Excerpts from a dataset
★ ★ ★

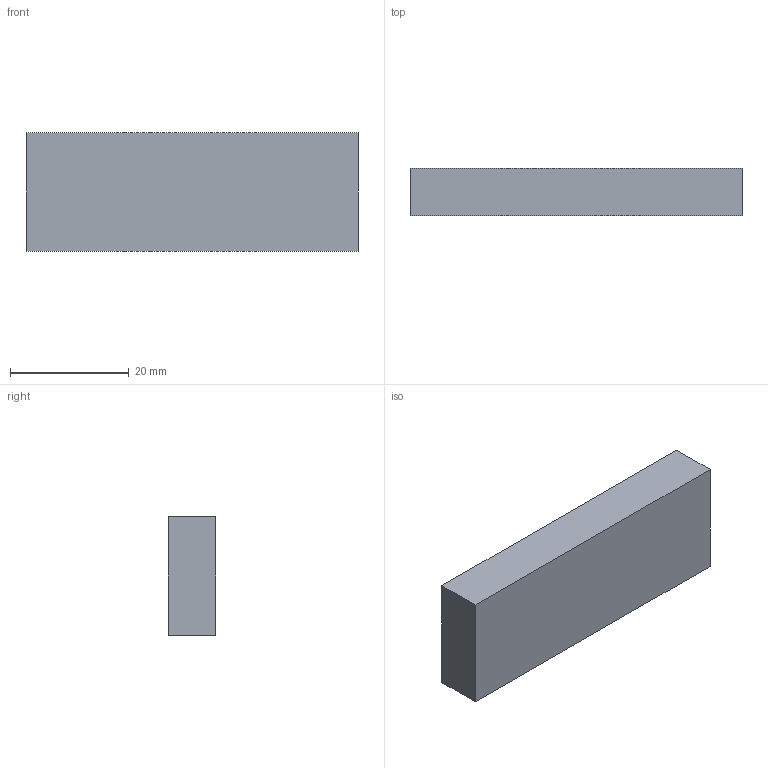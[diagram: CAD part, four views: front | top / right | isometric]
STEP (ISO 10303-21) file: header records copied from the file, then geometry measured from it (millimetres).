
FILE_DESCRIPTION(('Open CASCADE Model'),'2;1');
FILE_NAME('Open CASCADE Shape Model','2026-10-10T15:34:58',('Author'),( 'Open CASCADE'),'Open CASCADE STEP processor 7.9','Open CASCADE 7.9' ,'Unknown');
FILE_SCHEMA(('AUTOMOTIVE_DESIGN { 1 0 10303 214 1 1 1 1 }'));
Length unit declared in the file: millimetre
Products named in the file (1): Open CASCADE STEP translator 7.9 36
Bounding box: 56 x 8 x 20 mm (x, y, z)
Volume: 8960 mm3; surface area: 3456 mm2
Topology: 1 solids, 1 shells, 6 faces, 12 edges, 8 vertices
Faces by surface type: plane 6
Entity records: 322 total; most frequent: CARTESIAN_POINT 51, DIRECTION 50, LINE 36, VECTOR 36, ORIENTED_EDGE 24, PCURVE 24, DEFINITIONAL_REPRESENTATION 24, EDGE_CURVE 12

★ ★ ★

**What you have to do:**
Transcribe all of the data above verbatim but omit every picture.

**Solution below:**
[diagram: CAD part, four views: front | top / right | isometric]
STEP (ISO 10303-21) file: header records copied from the file, then geometry measured from it (millimetres).
FILE_DESCRIPTION(('Open CASCADE Model'),'2;1');
FILE_NAME('Open CASCADE Shape Model','2026-10-10T15:34:58',('Author'),( 'Open CASCADE'),'Open CASCADE STEP processor 7.9','Open CASCADE 7.9' ,'Unknown');
FILE_SCHEMA(('AUTOMOTIVE_DESIGN { 1 0 10303 214 1 1 1 1 }'));
Length unit declared in the file: millimetre
Products named in the file (1): Open CASCADE STEP translator 7.9 36
Bounding box: 56 x 8 x 20 mm (x, y, z)
Volume: 8960 mm3; surface area: 3456 mm2
Topology: 1 solids, 1 shells, 6 faces, 12 edges, 8 vertices
Faces by surface type: plane 6
Entity records: 322 total; most frequent: CARTESIAN_POINT 51, DIRECTION 50, LINE 36, VECTOR 36, ORIENTED_EDGE 24, PCURVE 24, DEFINITIONAL_REPRESENTATION 24, EDGE_CURVE 12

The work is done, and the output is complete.